Problem description: Across the entries that follow, count the lines with the string "linetype" and reply with that count alone.

[Data extracted from a collection]
########################################

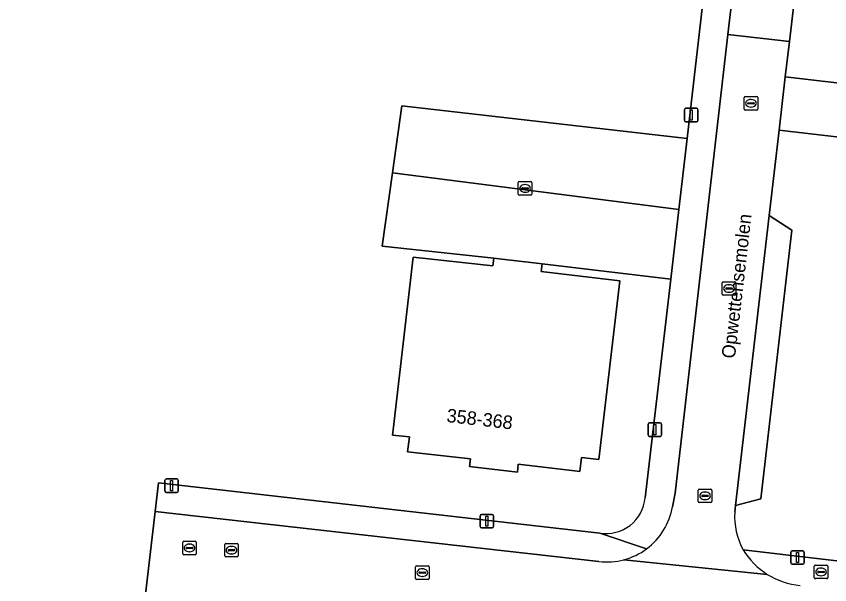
# Model space of a CAD drawing. Extents: x 161241 to 161758, y 384138 to 384885.
# Drawn here: x 161339.7 to 161399.9, y 384579.4 to 384621.5 of the extents above; entities that cross this region are included whole.
import ezdxf

# ---------------------------------------------------------------- set-up
doc = ezdxf.new("R2010")
doc.units = 0
for name, color, linetype in [('IMGEO_Brandkraan', 7, 'Continuous'), ('IMGEO_Erf', 7, 'Continuous'), ('IMGEO_Kolk', 7, 'Continuous'), ('IMGEO_Lichtmast', 7, 'Continuous'), ('IMGEO_Openbare_ruimte_label', 7, 'Continuous'), ('IMGEO_Pand', 7, 'Continuous'), ('IMGEO_Pand_nummerreeks', 7, 'Continuous'), ('IMGEO_Parkeervlak_open', 7, 'Continuous'), ('IMGEO_Rijbaan_lokaal_open', 7, 'Continuous'), ('IMGEO_Rioolput', 7, 'Continuous'), ('IMGEO_Voetpad_open', 7, 'Continuous')]:
    doc.layers.add(name, color=color, linetype=linetype)

msp = doc.modelspace()

# ---------------------------------------------------------------- linework, layer by layer
at = {"layer": 'IMGEO_Brandkraan'}
for p, q in [((161398.807, 384579.905), (161398.807, 384580.757)), ((161398.882, 384580.831), (161399.734, 384580.831)), ((161399.295, 384580.611), (161399.32, 384580.611)), ((161399.808, 384580.757), (161399.808, 384579.905)), ((161399.066, 384580.325), (161399.066, 384580.337)), ((161399.504, 384580.288), (161399.106, 384580.288)), ((161399.109, 384580.374), (161399.507, 384580.374)), ((161399.318, 384580.051), (161399.293, 384580.051)), ((161399.55, 384580.337), (161399.55, 384580.325)), ((161399.734, 384579.831), (161398.882, 384579.831))]:
    msp.add_line(p, q, dxfattribs=at)
for points in [[(161398.807, 384579.905), (161398.807, 384580.757)], [(161398.882, 384580.831), (161399.734, 384580.831)], [(161399.808, 384580.757), (161399.808, 384579.905)], [(161399.734, 384579.831), (161398.882, 384579.831)]]:
    msp.add_lwpolyline(points, dxfattribs=at)
for centre, radius, start, end in [((161398.884, 384580.755), 0.0765, 91.55205, 178.44795), ((161398.884, 384580.755), 0.0765, 91.55205, 178.44795), ((161399.732, 384580.755), 0.0765, 1.55205, 88.44795), ((161399.732, 384580.755), 0.0765, 1.55205, 88.44795), ((161399.106, 384580.334), 0.0403, 85.87752, 175.75265), ((161399.103, 384580.324), 0.0366, 178.93798, 274.71019), ((161399.507, 384580.331), 0.043, 264.86636, 352.45326), ((161399.511, 384580.336), 0.0386, 1.73085, 96.63898), ((161398.884, 384579.907), 0.0765, 181.55205, 268.44795), ((161398.884, 384579.907), 0.0765, 181.55205, 268.44795), ((161399.732, 384579.907), 0.0765, 271.55205, 358.44795), ((161399.732, 384579.907), 0.0765, 271.55205, 358.44795)]:
    msp.add_arc(centre, radius, start, end, dxfattribs=at)
for centre, major_axis, ratio, start_param, end_param in [((161399.294, 384580.331), (-0.387, 0.002), 0.722429, 4.712389, 7.853982), ((161399.319, 384580.331), (-0.39, 0.002), 0.717154, 1.570796, 4.712389)]:
    msp.add_ellipse(centre, major_axis=major_axis, ratio=ratio, start_param=start_param, end_param=end_param, dxfattribs=at)
at = {"layer": 'IMGEO_Erf'}
for points in [[(161458.589, 384639.718), (161400.088, 384646.416), (161397.281, 384622.401), (161396.961, 384619.66), (161396.655, 384617.039), (161425.024, 384613.724), (161425.387, 384616.773), (161427.698, 384616.498), (161427.335, 384613.449), (161436.939, 384612.308), (161436.503, 384609.048), (161435.624, 384602.469), (161435.067, 384598.3), (161434.079, 384598.432), (161434.571, 384602.594), (161430.726, 384603.048), (161431.421, 384608.981), (161396.194, 384613.099), (161395.453, 384606.759), (161397.13, 384605.671), (161394.834, 384585.76), (161392.961, 384585.251), (161392.905, 384584.764)], [(161386.264, 384585.815), (161388.17, 384602.03), (161378.63, 384603.18), (161378.553, 384602.616), (161384.384, 384601.913), (161382.88, 384589.077), (161382.832, 384588.671), (161381.561, 384588.828), (161381.438, 384587.782), (161381.025, 384587.83), (161376.862, 384588.317), (161376.812, 384587.738), (161373.26, 384588.138), (161373.333, 384588.711), (161369.092, 384589.195), (161368.661, 384589.244), (161368.811, 384590.339), (161367.545, 384590.466), (161367.592, 384590.876), (161369.069, 384603.683), (161374.991, 384603.033), (161375.048, 384603.608), (161366.788, 384604.482), (161367.54, 384609.919), (161368.227, 384614.894), (161389.377, 384612.476), (161392.602, 384640.347)], [(161332.131, 384432.245), (161332.897, 384438.907), (161336.632, 384471.394), (161336.946, 384474.139), (161340.403, 384504.377), (161340.647, 384506.515), (161340.82, 384506.489), (161349.943, 384584.816), (161350.191, 384586.943), (161382.92, 384583.217)], [(161393.526, 384581.977), (161448.824, 384575.465)]]:
    msp.add_lwpolyline(points, dxfattribs=at)
for centre, radius, start, end in [((161383.388, 384586.066), 2.887, 260.67579, 355.01247), ((161398.109, 384584.461), 5.213, 176.66706, 208.45585)]:
    msp.add_arc(centre, radius, start, end, dxfattribs=at)
at = {"layer": 'IMGEO_Kolk'}
for p, q in [((161393.684, 384615.584), (161394.536, 384615.584)), ((161393.609, 384614.658), (161393.609, 384615.51)), ((161393.868, 384615.078), (161393.868, 384615.09)), ((161394.306, 384615.041), (161393.908, 384615.041)), ((161393.911, 384615.127), (161394.309, 384615.127)), ((161394.097, 384615.364), (161394.122, 384615.364)), ((161394.352, 384615.09), (161394.352, 384615.078)), ((161394.61, 384615.51), (161394.61, 384614.658)), ((161394.536, 384614.584), (161393.684, 384614.584)), ((161394.12, 384614.804), (161394.095, 384614.804)), ((161376.869, 384608.348), (161376.869, 384609.2)), ((161376.944, 384609.274), (161377.796, 384609.274)), ((161377.357, 384609.054), (161377.382, 384609.054)), ((161377.87, 384609.2), (161377.87, 384608.348)), ((161377.128, 384608.768), (161377.128, 384608.78)), ((161377.566, 384608.731), (161377.168, 384608.731)), ((161377.171, 384608.817), (161377.569, 384608.817)), ((161377.38, 384608.494), (161377.355, 384608.494)), ((161377.612, 384608.78), (161377.612, 384608.768)), ((161377.796, 384608.274), (161376.944, 384608.274)), ((161391.987, 384600.926), (161391.987, 384601.778)), ((161392.062, 384601.852), (161392.914, 384601.852)), ((161392.988, 384601.778), (161392.988, 384600.926)), ((161392.246, 384601.346), (161392.246, 384601.358)), ((161392.684, 384601.309), (161392.286, 384601.309)), ((161392.289, 384601.395), (161392.687, 384601.395)), ((161392.475, 384601.632), (161392.5, 384601.632)), ((161392.73, 384601.358), (161392.73, 384601.346)), ((161392.914, 384600.852), (161392.062, 384600.852)), ((161392.498, 384601.072), (161392.473, 384601.072)), ((161390.209, 384585.55), (161390.209, 384586.402)), ((161390.284, 384586.476), (161391.136, 384586.476)), ((161390.697, 384586.256), (161390.722, 384586.256)), ((161391.21, 384586.402), (161391.21, 384585.55)), ((161391.136, 384585.476), (161390.284, 384585.476)), ((161390.468, 384585.97), (161390.468, 384585.982)), ((161390.906, 384585.933), (161390.508, 384585.933)), ((161390.511, 384586.019), (161390.909, 384586.019)), ((161390.72, 384585.696), (161390.695, 384585.696)), ((161390.952, 384585.982), (161390.952, 384585.97)), ((161355.187, 384582.444), (161356.039, 384582.444)), ((161355.112, 384581.518), (161355.112, 384582.37)), ((161355.371, 384581.938), (161355.371, 384581.95)), ((161355.809, 384581.901), (161355.411, 384581.901)), ((161355.414, 384581.987), (161355.812, 384581.987)), ((161355.6, 384582.224), (161355.625, 384582.224)), ((161355.855, 384581.95), (161355.855, 384581.938)), ((161356.113, 384582.37), (161356.113, 384581.518)), ((161356.039, 384581.444), (161355.187, 384581.444)), ((161355.623, 384581.664), (161355.598, 384581.664)), ((161369.257, 384579.854), (161369.257, 384580.706)), ((161369.332, 384580.78), (161370.184, 384580.78)), ((161370.258, 384580.706), (161370.258, 384579.854)), ((161369.516, 384580.274), (161369.516, 384580.286)), ((161369.954, 384580.237), (161369.556, 384580.237)), ((161369.559, 384580.323), (161369.957, 384580.323)), ((161369.768, 384580), (161369.743, 384580)), ((161369.745, 384580.56), (161369.77, 384580.56)), ((161370, 384580.286), (161370, 384580.274)), ((161370.184, 384579.78), (161369.332, 384579.78))]:
    msp.add_line(p, q, dxfattribs=at)
for points in [[(161393.684, 384615.584), (161394.536, 384615.584)], [(161393.609, 384614.658), (161393.609, 384615.51)], [(161394.61, 384615.51), (161394.61, 384614.658)], [(161394.536, 384614.584), (161393.684, 384614.584)], [(161376.869, 384608.348), (161376.869, 384609.2)], [(161376.944, 384609.274), (161377.796, 384609.274)], [(161377.87, 384609.2), (161377.87, 384608.348)], [(161377.796, 384608.274), (161376.944, 384608.274)], [(161391.987, 384600.926), (161391.987, 384601.778)], [(161392.062, 384601.852), (161392.914, 384601.852)], [(161392.988, 384601.778), (161392.988, 384600.926)], [(161392.914, 384600.852), (161392.062, 384600.852)], [(161390.209, 384585.55), (161390.209, 384586.402)], [(161390.284, 384586.476), (161391.136, 384586.476)], [(161391.21, 384586.402), (161391.21, 384585.55)], [(161391.136, 384585.476), (161390.284, 384585.476)], [(161355.187, 384582.444), (161356.039, 384582.444)], [(161355.112, 384581.518), (161355.112, 384582.37)], [(161356.113, 384582.37), (161356.113, 384581.518)], [(161356.039, 384581.444), (161355.187, 384581.444)], [(161369.257, 384579.854), (161369.257, 384580.706)], [(161369.332, 384580.78), (161370.184, 384580.78)], [(161370.258, 384580.706), (161370.258, 384579.854)], [(161370.184, 384579.78), (161369.332, 384579.78)]]:
    msp.add_lwpolyline(points, dxfattribs=at)
for centre, radius, start, end in [((161393.686, 384615.508), 0.0765, 91.55205, 178.44795), ((161393.686, 384615.508), 0.0765, 91.55205, 178.44795), ((161394.534, 384615.508), 0.0765, 1.55205, 88.44795), ((161394.534, 384615.508), 0.0765, 1.55205, 88.44795), ((161393.908, 384615.087), 0.0403, 85.87752, 175.75265), ((161393.905, 384615.077), 0.0366, 178.93798, 274.71019), ((161394.309, 384615.084), 0.043, 264.86636, 352.45326), ((161394.313, 384615.089), 0.0386, 1.73085, 96.63898), ((161393.686, 384614.66), 0.0765, 181.55205, 268.44795), ((161393.686, 384614.66), 0.0765, 181.55205, 268.44795), ((161394.534, 384614.66), 0.0765, 271.55205, 358.44795), ((161394.534, 384614.66), 0.0765, 271.55205, 358.44795), ((161376.946, 384609.198), 0.0765, 91.55205, 178.44795), ((161376.946, 384609.198), 0.0765, 91.55205, 178.44795), ((161377.794, 384609.198), 0.0765, 1.55205, 88.44795), ((161377.794, 384609.198), 0.0765, 1.55205, 88.44795), ((161376.946, 384608.35), 0.0765, 181.55205, 268.44795), ((161376.946, 384608.35), 0.0765, 181.55205, 268.44795), ((161377.168, 384608.777), 0.0403, 85.87752, 175.75265), ((161377.165, 384608.767), 0.0366, 178.93798, 274.71019), ((161377.569, 384608.774), 0.043, 264.86636, 352.45326), ((161377.573, 384608.779), 0.0386, 1.73085, 96.63898), ((161377.794, 384608.35), 0.0765, 271.55205, 358.44795), ((161377.794, 384608.35), 0.0765, 271.55205, 358.44795), ((161392.064, 384601.776), 0.0765, 91.55205, 178.44795), ((161392.064, 384601.776), 0.0765, 91.55205, 178.44795), ((161392.912, 384601.776), 0.0765, 1.55205, 88.44795), ((161392.912, 384601.776), 0.0765, 1.55205, 88.44795), ((161392.286, 384601.355), 0.0403, 85.87752, 175.75265), ((161392.283, 384601.345), 0.0366, 178.93798, 274.71019), ((161392.687, 384601.352), 0.043, 264.86636, 352.45326), ((161392.691, 384601.357), 0.0386, 1.73085, 96.63898), ((161392.064, 384600.928), 0.0765, 181.55205, 268.44795), ((161392.064, 384600.928), 0.0765, 181.55205, 268.44795), ((161392.912, 384600.928), 0.0765, 271.55205, 358.44795), ((161392.912, 384600.928), 0.0765, 271.55205, 358.44795), ((161390.286, 384586.4), 0.0765, 91.55205, 178.44795), ((161390.286, 384586.4), 0.0765, 91.55205, 178.44795), ((161391.134, 384586.4), 0.0765, 1.55205, 88.44795), ((161391.134, 384586.4), 0.0765, 1.55205, 88.44795), ((161390.286, 384585.552), 0.0765, 181.55205, 268.44795), ((161390.286, 384585.552), 0.0765, 181.55205, 268.44795), ((161390.508, 384585.979), 0.0403, 85.87752, 175.75265), ((161390.505, 384585.969), 0.0366, 178.93798, 274.71019), ((161390.909, 384585.976), 0.043, 264.86636, 352.45326), ((161390.913, 384585.981), 0.0386, 1.73085, 96.63898), ((161391.134, 384585.552), 0.0765, 271.55205, 358.44795), ((161391.134, 384585.552), 0.0765, 271.55205, 358.44795), ((161355.189, 384582.368), 0.0765, 91.55205, 178.44795), ((161355.189, 384582.368), 0.0765, 91.55205, 178.44795), ((161356.037, 384582.368), 0.0765, 1.55205, 88.44795), ((161356.037, 384582.368), 0.0765, 1.55205, 88.44795), ((161355.411, 384581.947), 0.0403, 85.87752, 175.75265), ((161355.408, 384581.937), 0.0366, 178.93798, 274.71019), ((161355.812, 384581.944), 0.043, 264.86636, 352.45326), ((161355.816, 384581.949), 0.0386, 1.73085, 96.63898), ((161355.189, 384581.52), 0.0765, 181.55205, 268.44795), ((161355.189, 384581.52), 0.0765, 181.55205, 268.44795), ((161356.037, 384581.52), 0.0765, 271.55205, 358.44795), ((161356.037, 384581.52), 0.0765, 271.55205, 358.44795), ((161369.334, 384580.704), 0.0765, 91.55205, 178.44795), ((161369.334, 384580.704), 0.0765, 91.55205, 178.44795), ((161370.182, 384580.704), 0.0765, 1.55205, 88.44795), ((161370.182, 384580.704), 0.0765, 1.55205, 88.44795), ((161369.556, 384580.283), 0.0403, 85.87752, 175.75265), ((161369.553, 384580.273), 0.0366, 178.93798, 274.71019), ((161369.957, 384580.28), 0.043, 264.86636, 352.45326), ((161369.961, 384580.285), 0.0386, 1.73085, 96.63898), ((161369.334, 384579.856), 0.0765, 181.55205, 268.44795), ((161369.334, 384579.856), 0.0765, 181.55205, 268.44795), ((161370.182, 384579.856), 0.0765, 271.55205, 358.44795), ((161370.182, 384579.856), 0.0765, 271.55205, 358.44795)]:
    msp.add_arc(centre, radius, start, end, dxfattribs=at)
for centre, major_axis, ratio, start_param, end_param in [((161394.096, 384615.084), (-0.387, 0.002), 0.722429, 4.712389, 7.853982), ((161394.121, 384615.084), (-0.39, 0.002), 0.717154, 1.570796, 4.712389), ((161377.356, 384608.774), (-0.387, 0.002), 0.722429, 4.712389, 7.853982), ((161377.381, 384608.774), (-0.39, 0.002), 0.717154, 1.570796, 4.712389), ((161392.474, 384601.352), (-0.387, 0.002), 0.722429, 4.712389, 7.853982), ((161392.499, 384601.352), (-0.39, 0.002), 0.717154, 1.570796, 4.712389), ((161390.696, 384585.976), (-0.387, 0.002), 0.722429, 4.712389, 7.853982), ((161390.721, 384585.976), (-0.39, 0.002), 0.717154, 1.570796, 4.712389), ((161355.599, 384581.944), (-0.387, 0.002), 0.722429, 4.712389, 7.853982), ((161355.624, 384581.944), (-0.39, 0.002), 0.717154, 1.570796, 4.712389), ((161369.744, 384580.28), (-0.387, 0.002), 0.722429, 4.712389, 7.853982), ((161369.769, 384580.28), (-0.39, 0.002), 0.717154, 1.570796, 4.712389)]:
    msp.add_ellipse(centre, major_axis=major_axis, ratio=ratio, start_param=start_param, end_param=end_param, dxfattribs=at)
at = {"layer": 'IMGEO_Lichtmast'}
for p, q in [((161389.186, 384613.816), (161389.186, 384614.616)), ((161389.186, 384614.616), (161389.186, 384613.816)), ((161389.286, 384614.716), (161390.076, 384614.716)), ((161390.076, 384614.716), (161389.286, 384614.716)), ((161390.176, 384614.616), (161390.176, 384613.816)), ((161390.176, 384613.816), (161390.176, 384614.616)), ((161390.076, 384613.716), (161389.286, 384613.716)), ((161389.286, 384613.716), (161390.076, 384613.716)), ((161386.486, 384590.483), (161386.486, 384591.283)), ((161386.486, 384591.283), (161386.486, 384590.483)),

########################################

Result below: 2